§ What the task requires:
Write out exactly the lines from the start of the entries through the one that contains "CTRL_Syncr : BOOL", including both.

§ Raw data:
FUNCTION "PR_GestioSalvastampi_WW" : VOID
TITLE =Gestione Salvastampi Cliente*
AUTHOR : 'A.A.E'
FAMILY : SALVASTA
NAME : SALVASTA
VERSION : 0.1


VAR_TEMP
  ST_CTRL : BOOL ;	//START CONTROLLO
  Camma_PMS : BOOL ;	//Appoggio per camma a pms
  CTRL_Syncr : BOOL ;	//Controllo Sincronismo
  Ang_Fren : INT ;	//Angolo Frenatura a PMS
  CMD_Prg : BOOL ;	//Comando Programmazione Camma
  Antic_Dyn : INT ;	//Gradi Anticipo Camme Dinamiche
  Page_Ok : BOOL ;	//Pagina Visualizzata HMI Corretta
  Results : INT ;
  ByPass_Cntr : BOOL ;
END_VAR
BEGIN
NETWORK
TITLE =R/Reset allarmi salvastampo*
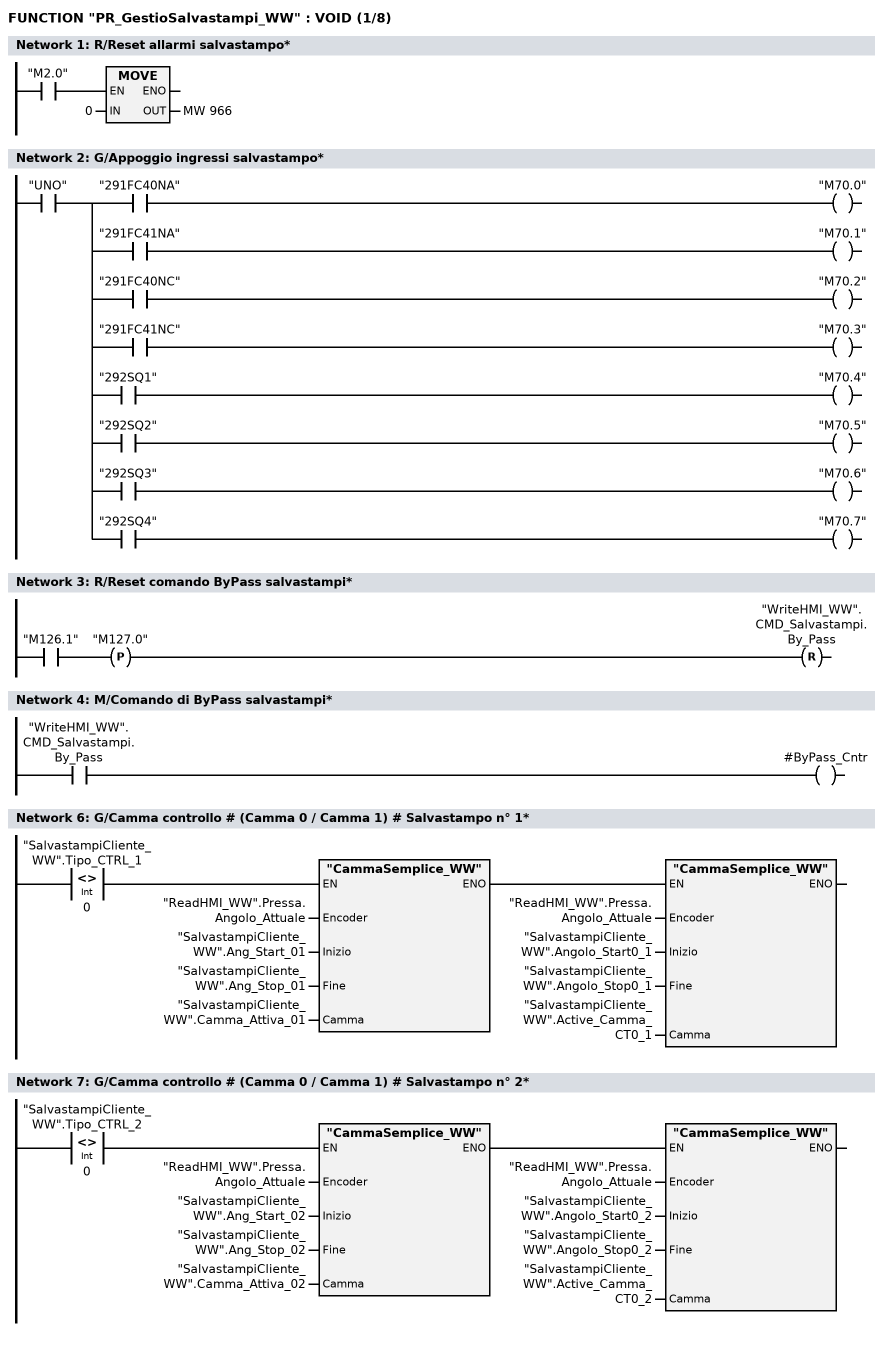
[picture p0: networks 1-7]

      U     "M2.0";
      SPBNB _001;
      L     0;
      T     MW   966;
_001: NOP   0;
NETWORK
TITLE =G/Appoggio ingressi salvastampo*

      U     "UNO";
      =     L     13.0;
      U     L     13.0;
      U     "291FC40NA";
      =     "M70.0";
      U     L     13.0;
      U     "291FC41NA";
      =     "M70.1";
      U     L     13.0;
      U     "291FC40NC";
      =     "M70.2";
      U     L     13.0;
      U     "291FC41NC";
      =     "M70.3";
      U     L     13.0;
      U     "292SQ1";
      =     "M70.4";
      U     L     13.0;
      U     "292SQ2";
      =     "M70.5";
      U     L     13.0;
      U     "292SQ3";
      =     "M70.6";
      U     L     13.0;
      U     "292SQ4";
      =     "M70.7";
NETWORK
TITLE =R/Reset comando ByPass salvastampi*

      U     "M126.1";
      FP    "M127.0";
      R     "WriteHMI_WW".CMD_Salvastampi.By_Pass;
NETWORK
TITLE =M/Comando di ByPass salvastampi*

      U     "WriteHMI_WW".CMD_Salvastampi.By_Pass;
      =     #ByPass_Cntr;
NETWORK
TITLE =######################## CAMME SALVASTAMPO #####################



NETWORK
TITLE =G/Camma controllo # (Camma 0 / Camma 1) # Salvastampo n° 1*

      U(    ;
      U(    ;
      L     "SalvastampiCliente_WW".Tipo_CTRL_1;
      L     0;
      <>I   ;
      )     ;
      SPBNB _002;
      CALL "CammaSemplice_WW" (
           Encoder                  := "ReadHMI_WW".Pressa.Angolo_Attuale,
           Inizio                   := "SalvastampiCliente_WW".Ang_Start_01,
           Fine                     := "SalvastampiCliente_WW".Ang_Stop_01,
           Camma                    := "SalvastampiCliente_WW".Camma_Attiva_01);
_002: U     BIE;
      )     ;
      SPBNB _003;
      CALL "CammaSemplice_WW" (
           Encoder                  := "ReadHMI_WW".Pressa.Angolo_Attuale,
           Inizio                   := "SalvastampiCliente_WW".Angolo_Start0_1,
           Fine                     := "SalvastampiCliente_WW".Angolo_Stop0_1,
           Camma                    := "SalvastampiCliente_WW".Active_Camma_CT0_1);
_003: NOP   0;
NETWORK
TITLE =G/Camma controllo # (Camma 0 / Camma 1) # Salvastampo n° 2*

      U(    ;
      U(    ;
      L     "SalvastampiCliente_WW".Tipo_CTRL_2;
      L     0;
      <>I   ;
      )     ;
      SPBNB _004;
      CALL "CammaSemplice_WW" (
           Encoder                  := "ReadHMI_WW".Pressa.Angolo_Attuale,
           Inizio                   := "SalvastampiCliente_WW".Ang_Start_02,
           Fine                     := "SalvastampiCliente_WW".Ang_Stop_02,
           Camma                    := "SalvastampiCliente_WW".Camma_Attiva_02);
_004: U     BIE;
      )     ;
      SPBNB _005;
      CALL "CammaSemplice_WW" (
           Encoder                  := "ReadHMI_WW".Pressa.Angolo_Attuale,
           Inizio                   := "SalvastampiCliente_WW".Angolo_Start0_2,
           Fine                     := "SalvastampiCliente_WW".Angolo_Stop0_2,
           Camma                    := "SalvastampiCliente_WW".Active_Camma_CT0_2);
_005: NOP   0;
NETWORK
TITLE =G/Camma controllo # (Camma 0 / Camma 1) # Salvastampo n° 3*
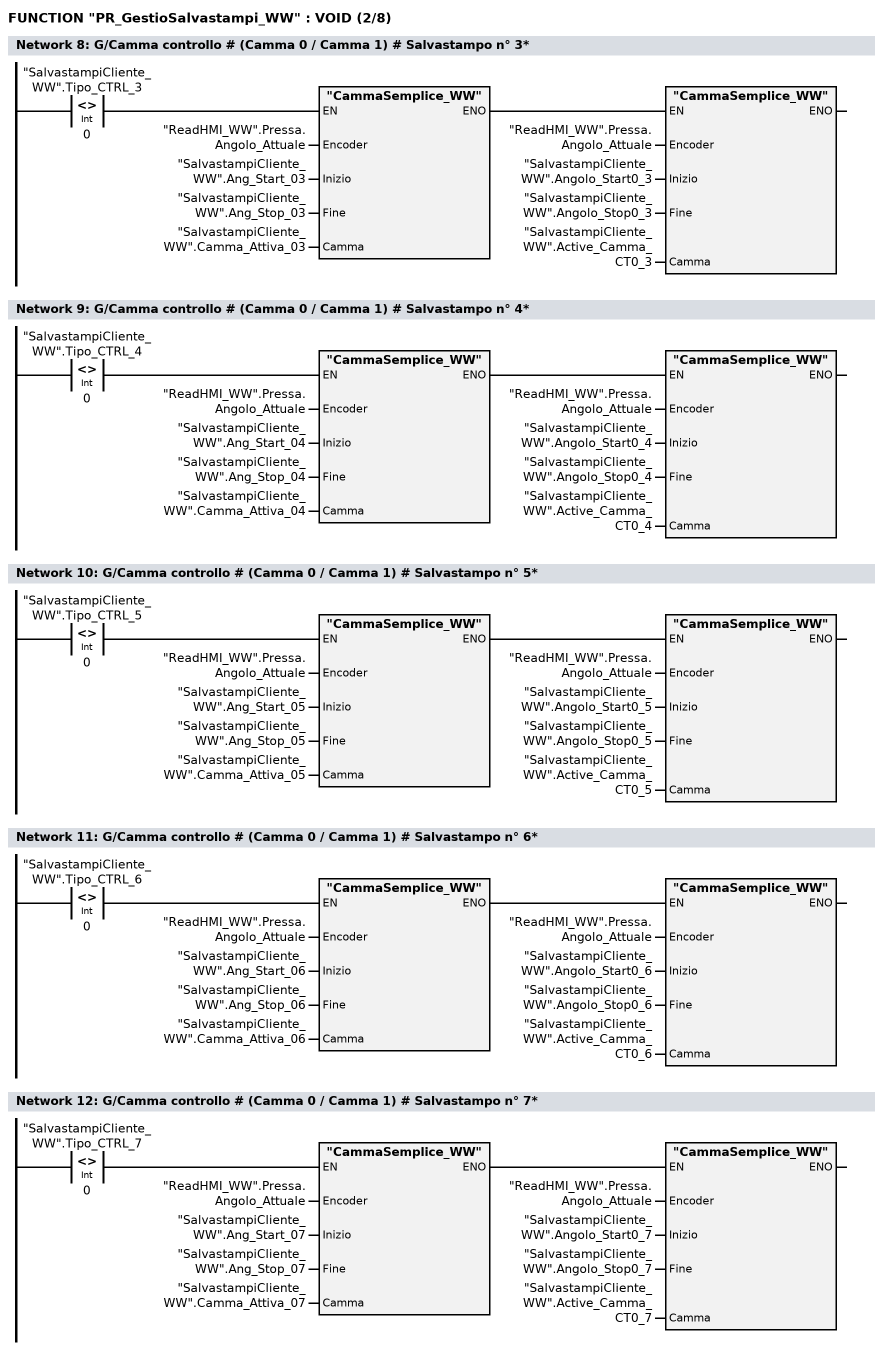
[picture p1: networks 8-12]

      U(    ;
      U(    ;
      L     "SalvastampiCliente_WW".Tipo_CTRL_3;
      L     0;
      <>I   ;
      )     ;
      SPBNB _006;
      CALL "CammaSemplice_WW" (
           Encoder                  := "ReadHMI_WW".Pressa.Angolo_Attuale,
           Inizio                   := "SalvastampiCliente_WW".Ang_Start_03,
           Fine                     := "SalvastampiCliente_WW".Ang_Stop_03,
           Camma                    := "SalvastampiCliente_WW".Camma_Attiva_03);
_006: U     BIE;
      )     ;
      SPBNB _007;
      CALL "CammaSemplice_WW" (
           Encoder                  := "ReadHMI_WW".Pressa.Angolo_Attuale,
           Inizio                   := "SalvastampiCliente_WW".Angolo_Start0_3,
           Fine                     := "SalvastampiCliente_WW".Angolo_Stop0_3,
           Camma                    := "SalvastampiCliente_WW".Active_Camma_CT0_3);
_007: NOP   0;
NETWORK
TITLE =G/Camma controllo # (Camma 0 / Camma 1) # Salvastampo n° 4*

      U(    ;
      U(    ;
      L     "SalvastampiCliente_WW".Tipo_CTRL_4;
      L     0;
      <>I   ;
      )     ;
      SPBNB _008;
      CALL "CammaSemplice_WW" (
           Encoder                  := "ReadHMI_WW".Pressa.Angolo_Attuale,
           Inizio                   := "SalvastampiCliente_WW".Ang_Start_04,
           Fine                     := "SalvastampiCliente_WW".Ang_Stop_04,
           Camma                    := "SalvastampiCliente_WW".Camma_Attiva_04);
_008: U     BIE;
      )     ;
      SPBNB _009;
      CALL "CammaSemplice_WW" (
           Encoder                  := "ReadHMI_WW".Pressa.Angolo_Attuale,
           Inizio                   := "SalvastampiCliente_WW".Angolo_Start0_4,
           Fine                     := "SalvastampiCliente_WW".Angolo_Stop0_4,
           Camma                    := "SalvastampiCliente_WW".Active_Camma_CT0_4);
_009: NOP   0;
NETWORK
TITLE =G/Camma controllo # (Camma 0 / Camma 1) # Salvastampo n° 5*

      U(    ;
      U(    ;
      L     "SalvastampiCliente_WW".Tipo_CTRL_5;
      L     0;
      <>I   ;
      )     ;
      SPBNB _00a;
      CALL "CammaSemplice_WW" (
           Encoder                  := "ReadHMI_WW".Pressa.Angolo_Attuale,
           Inizio                   := "SalvastampiCliente_WW".Ang_Start_05,
           Fine                     := "SalvastampiCliente_WW".Ang_Stop_05,
           Camma                    := "SalvastampiCliente_WW".Camma_Attiva_05);
_00a: U     BIE;
      )     ;
      SPBNB _00b;
      CALL "CammaSemplice_WW" (
           Encoder                  := "ReadHMI_WW".Pressa.Angolo_Attuale,
           Inizio                   := "SalvastampiCliente_WW".Angolo_Start0_5,
           Fine                     := "SalvastampiCliente_WW".Angolo_Stop0_5,
           Camma                    := "SalvastampiCliente_WW".Active_Camma_CT0_5);
_00b: NOP   0;
NETWORK
TITLE =G/Camma controllo # (Camma 0 / Camma 1) # Salvastampo n° 6*

      U(    ;
      U(    ;
      L     "SalvastampiCliente_WW".Tipo_CTRL_6;
      L     0;
      <>I   ;
      )     ;
      SPBNB _00c;
      CALL "CammaSemplice_WW" (
           Encoder                  := "ReadHMI_WW".Pressa.Angolo_Attuale,
           Inizio                   := "SalvastampiCliente_WW".Ang_Start_06,
           Fine                     := "SalvastampiCliente_WW".Ang_Stop_06,
           Camma                    := "SalvastampiCliente_WW".Camma_Attiva_06);
_00c: U     BIE;
      )     ;
      SPBNB _00d;
      CALL "CammaSemplice_WW" (
           Encoder                  := "ReadHMI_WW".Pressa.Angolo_Attuale,
           Inizio                   := "SalvastampiCliente_WW".Angolo_Start0_6,
           Fine                     := "SalvastampiCliente_WW".Angolo_Stop0_6,
           Camma                    := "SalvastampiCliente_WW".Active_Camma_CT0_6);
_00d: NOP   0;
NETWORK
TITLE =G/Camma controllo # (Camma 0 / Camma 1) # Salvastampo n° 7*

      U(    ;
      U(    ;
      L     "SalvastampiCliente_WW".Tipo_CTRL_7;
      L     0;
      <>I   ;
      )     ;
      SPBNB _00e;
      CALL "CammaSemplice_WW" (
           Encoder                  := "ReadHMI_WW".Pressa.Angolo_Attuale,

§ Exercise solution:
FUNCTION "PR_GestioSalvastampi_WW" : VOID
TITLE =Gestione Salvastampi Cliente*
AUTHOR : 'A.A.E'
FAMILY : SALVASTA
NAME : SALVASTA
VERSION : 0.1


VAR_TEMP
  ST_CTRL : BOOL ;	//START CONTROLLO
  Camma_PMS : BOOL ;	//Appoggio per camma a pms
  CTRL_Syncr : BOOL ;	//Controllo Sincronismo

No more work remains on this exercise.